--Chambre des députés.--Séance du 20 août 1835.--
En attaquant le projet de loi qui prononçait, contre certains crimes, la peine de la détention dans la déportation, M. Roger du Loiret s'éleva contre l'odieuse nature de cette peine, et il termina en s'écriant: «Grâce, messieurs, pour la civilisation et pour l'honneur de notre pays!» Je lui répondis:
M. Guizot, ministre de l'instruction publique.--Permettez, messieurs, qu'avant d'entrer dans la discussion, je commence par écarter les prétextes, ou, si vous voulez, les motifs des paroles que vous venez d'entendre.
On a toujours supposé, en attaquant le projet de loi, qu'il s'agissait d'envoyer les condamnés sous un climat dévorant, de renouveler les hontes de Sinamary. Je voudrais bien savoir ou l'on a trouvé cette disposition. Je voudrais bien savoir ce qui, dans le projet de loi, pourrait donner lieu à cette supposition. Est-ce qu'il n'y a, hors de France, point d'autres climats que des climats dévorants? Est-ce que nous n'avons, est-ce que nous ne pouvons avoir des possessions que sous les tropiques? Est-ce qu'il n'y a point de prisons aux États-Unis?

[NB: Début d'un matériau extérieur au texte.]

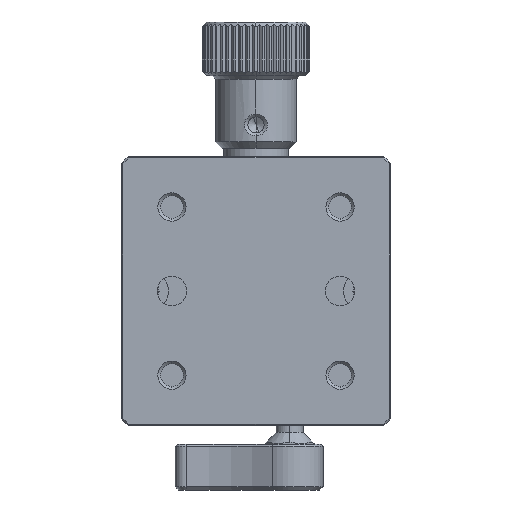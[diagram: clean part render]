
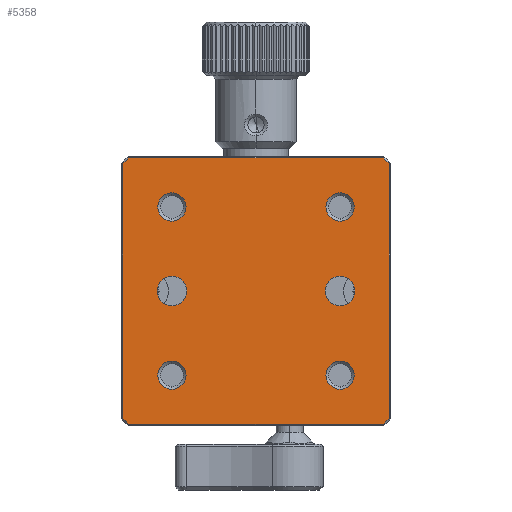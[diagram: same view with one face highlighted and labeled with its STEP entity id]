
A CAD part, front view. The second image highlights one B-rep face of the part: STEP entity #5358.
In plain terms, the highlighted planar face has unit normal (0, -1, 0).
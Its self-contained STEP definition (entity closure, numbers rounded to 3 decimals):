
#1=DIRECTION('',(0.707,0.,-0.707));
#2=VECTOR('',#1,1.249);
#3=CARTESIAN_POINT('',(-19.8,-22.,-18.917));
#4=LINE('',#3,#2);
#5=DIRECTION('',(0.,0.,-1.));
#6=VECTOR('',#5,37.834);
#7=CARTESIAN_POINT('',(-19.8,-22.,18.917));
#8=LINE('',#7,#6);
#9=DIRECTION('',(-0.707,0.,-0.707));
#10=VECTOR('',#9,1.249);
#11=CARTESIAN_POINT('',(-18.917,-22.,19.8));
#12=LINE('',#11,#10);
#13=DIRECTION('',(-1.,0.,0.));
#14=VECTOR('',#13,37.834);
#15=CARTESIAN_POINT('',(18.917,-22.,19.8));
#16=LINE('',#15,#14);
#17=DIRECTION('',(-0.707,0.,0.707));
#18=VECTOR('',#17,1.249);
#19=CARTESIAN_POINT('',(19.8,-22.,18.917));
#20=LINE('',#19,#18);
#21=DIRECTION('',(0.,0.,1.));
#22=VECTOR('',#21,37.834);
#23=CARTESIAN_POINT('',(19.8,-22.,-18.917));
#24=LINE('',#23,#22);
#25=DIRECTION('',(0.707,0.,0.707));
#26=VECTOR('',#25,1.249);
#27=CARTESIAN_POINT('',(18.917,-22.,-19.8));
#28=LINE('',#27,#26);
#29=DIRECTION('',(1.,0.,0.));
#30=VECTOR('',#29,37.834);
#31=CARTESIAN_POINT('',(-18.917,-22.,-19.8));
#32=LINE('',#31,#30);
#33=CARTESIAN_POINT('',(-12.5,-22.,12.5));
#34=DIRECTION('',(0.,1.,0.));
#35=DIRECTION('',(-1.,0.,0.));
#36=AXIS2_PLACEMENT_3D('',#33,#34,#35);
#38=CARTESIAN_POINT('',(-12.5,-22.,12.5));
#39=DIRECTION('',(0.,1.,0.));
#40=DIRECTION('',(1.,0.,0.));
#41=AXIS2_PLACEMENT_3D('',#38,#39,#40);
#43=CARTESIAN_POINT('',(12.5,-22.,12.5));
#44=DIRECTION('',(0.,1.,0.));
#45=DIRECTION('',(-1.,0.,0.));
#46=AXIS2_PLACEMENT_3D('',#43,#44,#45);
#48=CARTESIAN_POINT('',(12.5,-22.,12.5));
#49=DIRECTION('',(0.,1.,0.));
#50=DIRECTION('',(1.,0.,0.));
#51=AXIS2_PLACEMENT_3D('',#48,#49,#50);
#53=CARTESIAN_POINT('',(12.5,-22.,-12.5));
#54=DIRECTION('',(0.,1.,0.));
#55=DIRECTION('',(-1.,0.,0.));
#56=AXIS2_PLACEMENT_3D('',#53,#54,#55);
#58=CARTESIAN_POINT('',(12.5,-22.,-12.5));
#59=DIRECTION('',(0.,1.,0.));
#60=DIRECTION('',(1.,0.,0.));
#61=AXIS2_PLACEMENT_3D('',#58,#59,#60);
#63=CARTESIAN_POINT('',(-12.5,-22.,-12.5));
#64=DIRECTION('',(0.,1.,0.));
#65=DIRECTION('',(-1.,0.,0.));
#66=AXIS2_PLACEMENT_3D('',#63,#64,#65);
#68=CARTESIAN_POINT('',(-12.5,-22.,-12.5));
#69=DIRECTION('',(0.,1.,0.));
#70=DIRECTION('',(1.,0.,0.));
#71=AXIS2_PLACEMENT_3D('',#68,#69,#70);
#73=CARTESIAN_POINT('',(0.,-22.,-12.5));
#74=DIRECTION('',(0.,1.,0.));
#75=DIRECTION('',(1.,0.,0.));
#76=AXIS2_PLACEMENT_3D('',#73,#74,#75);
#78=CARTESIAN_POINT('',(0.,-22.,-12.5));
#79=DIRECTION('',(0.,1.,0.));
#80=DIRECTION('',(-1.,0.,0.));
#81=AXIS2_PLACEMENT_3D('',#78,#79,#80);
#83=CARTESIAN_POINT('',(0.,-22.,12.5));
#84=DIRECTION('',(0.,1.,0.));
#85=DIRECTION('',(1.,0.,0.));
#86=AXIS2_PLACEMENT_3D('',#83,#84,#85);
#88=CARTESIAN_POINT('',(0.,-22.,12.5));
#89=DIRECTION('',(0.,1.,0.));
#90=DIRECTION('',(-1.,0.,0.));
#91=AXIS2_PLACEMENT_3D('',#88,#89,#90);
#4021=CARTESIAN_POINT('',(-19.8,-22.,-18.917));
#4022=CARTESIAN_POINT('',(-18.917,-22.,-19.8));
#4023=VERTEX_POINT('',#4021);
#4024=VERTEX_POINT('',#4022);
#4031=CARTESIAN_POINT('',(18.917,-22.,-19.8));
#4032=VERTEX_POINT('',#4031);
#4033=CARTESIAN_POINT('',(19.8,-22.,-18.917));
#4034=VERTEX_POINT('',#4033);
#4039=CARTESIAN_POINT('',(19.8,-22.,18.917));
#4040=VERTEX_POINT('',#4039);
#4041=CARTESIAN_POINT('',(18.917,-22.,19.8));
#4042=VERTEX_POINT('',#4041);
#4047=CARTESIAN_POINT('',(-18.917,-22.,19.8));
#4048=VERTEX_POINT('',#4047);
#4051=CARTESIAN_POINT('',(-19.8,-22.,18.917));
#4052=VERTEX_POINT('',#4051);
#4073=CARTESIAN_POINT('',(-14.6,-22.,12.5));
#4074=CARTESIAN_POINT('',(-10.4,-22.,12.5));
#4075=VERTEX_POINT('',#4073);
#4076=VERTEX_POINT('',#4074);
#4081=CARTESIAN_POINT('',(10.4,-22.,12.5));
#4082=CARTESIAN_POINT('',(14.6,-22.,12.5));
#4083=VERTEX_POINT('',#4081);
#4084=VERTEX_POINT('',#4082);
#4089=CARTESIAN_POINT('',(10.4,-22.,-12.5));
#4090=CARTESIAN_POINT('',(14.6,-22.,-12.5));
#4091=VERTEX_POINT('',#4089);
#4092=VERTEX_POINT('',#4090);
#4097=CARTESIAN_POINT('',(-14.6,-22.,-12.5));
#4098=CARTESIAN_POINT('',(-10.4,-22.,-12.5));
#4099=VERTEX_POINT('',#4097);
#4100=VERTEX_POINT('',#4098);
#4295=CARTESIAN_POINT('',(2.2,-22.,-12.5));
#4296=CARTESIAN_POINT('',(-2.2,-22.,-12.5));
#4297=VERTEX_POINT('',#4295);
#4298=VERTEX_POINT('',#4296);
#4299=CARTESIAN_POINT('',(2.2,-22.,12.5));
#4300=CARTESIAN_POINT('',(-2.2,-22.,12.5));
#4301=VERTEX_POINT('',#4299);
#4302=VERTEX_POINT('',#4300);
#5299=CARTESIAN_POINT('',(0.,-22.,0.));
#5300=DIRECTION('',(0.,1.,0.));
#5301=DIRECTION('',(1.,0.,0.));
#5302=AXIS2_PLACEMENT_3D('',#5299,#5300,#5301);
#5303=PLANE('',#5302);
#5305=ORIENTED_EDGE('',*,*,#5304,.F.);
#5307=ORIENTED_EDGE('',*,*,#5306,.F.);
#5309=ORIENTED_EDGE('',*,*,#5308,.F.);
#5311=ORIENTED_EDGE('',*,*,#5310,.F.);
#5313=ORIENTED_EDGE('',*,*,#5312,.F.);
#5315=ORIENTED_EDGE('',*,*,#5314,.F.);
#5317=ORIENTED_EDGE('',*,*,#5316,.F.);
#5319=ORIENTED_EDGE('',*,*,#5318,.F.);
#5320=EDGE_LOOP('',(#5305,#5307,#5309,#5311,#5313,#5315,#5317,#5319));
#5321=FACE_OUTER_BOUND('',#5320,.F.);
#5323=ORIENTED_EDGE('',*,*,#5322,.F.);
#5325=ORIENTED_EDGE('',*,*,#5324,.F.);
#5326=EDGE_LOOP('',(#5323,#5325));
#5327=FACE_BOUND('',#5326,.F.);
#5329=ORIENTED_EDGE('',*,*,#5328,.F.);
#5331=ORIENTED_EDGE('',*,*,#5330,.F.);
#5332=EDGE_LOOP('',(#5329,#5331));
#5333=FACE_BOUND('',#5332,.F.);
#5335=ORIENTED_EDGE('',*,*,#5334,.F.);
#5337=ORIENTED_EDGE('',*,*,#5336,.F.);
#5338=EDGE_LOOP('',(#5335,#5337));
#5339=FACE_BOUND('',#5338,.F.);
#5341=ORIENTED_EDGE('',*,*,#5340,.F.);
#5343=ORIENTED_EDGE('',*,*,#5342,.F.);
#5344=EDGE_LOOP('',(#5341,#5343));
#5345=FACE_BOUND('',#5344,.F.);
#5347=ORIENTED_EDGE('',*,*,#5346,.F.);
#5349=ORIENTED_EDGE('',*,*,#5348,.F.);
#5350=EDGE_LOOP('',(#5347,#5349));
#5351=FACE_BOUND('',#5350,.F.);
#5353=ORIENTED_EDGE('',*,*,#5352,.F.);
#5355=ORIENTED_EDGE('',*,*,#5354,.F.);
#5356=EDGE_LOOP('',(#5353,#5355));
#5357=FACE_BOUND('',#5356,.F.);
#5358=ADVANCED_FACE('',(#5321,#5327,#5333,#5339,#5345,#5351,#5357),#5303,.F.);
#37=CIRCLE('',#36,2.1);
#42=CIRCLE('',#41,2.1);
#47=CIRCLE('',#46,2.1);
#52=CIRCLE('',#51,2.1);
#57=CIRCLE('',#56,2.1);
#62=CIRCLE('',#61,2.1);
#67=CIRCLE('',#66,2.1);
#72=CIRCLE('',#71,2.1);
#77=CIRCLE('',#76,2.2);
#82=CIRCLE('',#81,2.2);
#87=CIRCLE('',#86,2.2);
#92=CIRCLE('',#91,2.2);
#5304=EDGE_CURVE('',#4023,#4024,#4,.T.);
#5306=EDGE_CURVE('',#4052,#4023,#8,.T.);
#5308=EDGE_CURVE('',#4048,#4052,#12,.T.);
#5310=EDGE_CURVE('',#4042,#4048,#16,.T.);
#5312=EDGE_CURVE('',#4040,#4042,#20,.T.);
#5314=EDGE_CURVE('',#4034,#4040,#24,.T.);
#5316=EDGE_CURVE('',#4032,#4034,#28,.T.);
#5318=EDGE_CURVE('',#4024,#4032,#32,.T.);
#5322=EDGE_CURVE('',#4075,#4076,#37,.T.);
#5324=EDGE_CURVE('',#4076,#4075,#42,.T.);
#5328=EDGE_CURVE('',#4083,#4084,#47,.T.);
#5330=EDGE_CURVE('',#4084,#4083,#52,.T.);
#5334=EDGE_CURVE('',#4091,#4092,#57,.T.);
#5336=EDGE_CURVE('',#4092,#4091,#62,.T.);
#5340=EDGE_CURVE('',#4099,#4100,#67,.T.);
#5342=EDGE_CURVE('',#4100,#4099,#72,.T.);
#5346=EDGE_CURVE('',#4297,#4298,#77,.T.);
#5348=EDGE_CURVE('',#4298,#4297,#82,.T.);
#5352=EDGE_CURVE('',#4301,#4302,#87,.T.);
#5354=EDGE_CURVE('',#4302,#4301,#92,.T.);

Est-ce qu'il n'est pas possible de trouver un lieu de déportation dans un climat sain, analogue au nôtre? Est-ce qu'il n'est pas écrit dans votre code que le lieu de la déportation sera déterminé par une loi? Est-ce que nous vous avons proposé de déroger à cette disposition? Non, messieurs, nous ne vous avons proposé rien de semblable. Oui, le lieu de la déportation, le lieu de la détention en attendant la déportation, doit être déterminé par une loi: le code l'ordonne; nous ne vous avons pas demandé d'abroger cette disposition. Non-seulement nous ne vous l'avons pas demandé; mais, dans nos prévisions à cet égard, nous n'avons jamais pensé à envoyer les détenus dans les lieux dont on vous a parlé. Nous savons qu'il y a des climats où la liberté est la condition nécessaire de la vie; nous n'avons pas besoin qu'on nous le rappelle à cette tribune. Mais nous savons aussi qu'il est très-possible d'organiser la détention sous un climat sain, avec un régime analogue à celui de notre pays, et qu'alors elle n'a aucune des conséquences dont on vous a parlé tout à l'heure et dont on voulait vous faire horreur. Nous repoussons, comme vous, ces conséquences; et lorsque le lieu de déportation ou de détention, qui doit être déterminé par les lois, vous sera soumis, vous examinerez s'il réunit toutes les conditions de salubrité. Jusque-là, personne n'a le droit de nous dire que nous avons oublié, dans cette circonstance, les droits de la justice et de l'humanité.
M. Gauguier.--Si M. le ministre y a pensé, il pourrait nous indiquer le lieu de la déportation.
M. Guizot.--Je répondrai à l'honorable M. Gauguier que, relativement aux moyens d'exécution, nous y pensons, et qu'il faut y penser mûrement. Nos paroles, messieurs, ne sont pas si légères, soit lorsqu'il s'agit de proposer, soit lorsqu'il s'agit de prendre les mesures d'exécution.
J'aborde le fond de la question, tout à fait indépendant de la question préliminaire dont je viens de parler.
Messieurs, on oublie continuellement dans ce débat le but fondamental de toute peine, de toute législation pénale. Quel est-il? Ce n'est pas seulement de punir et de réprimer le condamné; il s'agit surtout de prévenir des crimes pareils. Il s'agit, non-seulement de mettre celui qui a commis le crime hors d'état de nuire de nouveau, mais d'empêcher que ceux qui seraient tentés de commettre des crimes semblables et de devenir coupables à leur tour ne se laissent aller à cette tentation.
L'intimidation préventive et générale, tel est le but principal, le but dominant des lois pénales; il faut, pour qu'il y ait utilité sociale dans les peines, qu'elles effrayent et contiennent le grand nombre; c'est là l'utilité générale, l'utilité permanente.
Et il faut bien, messieurs, que les peines aient cet effet, car il faut choisir dans ce monde entre l'intimidation des honnêtes gens et l'intimidation des malhonnêtes gens. (Voix nombreuses: C'est vrai!)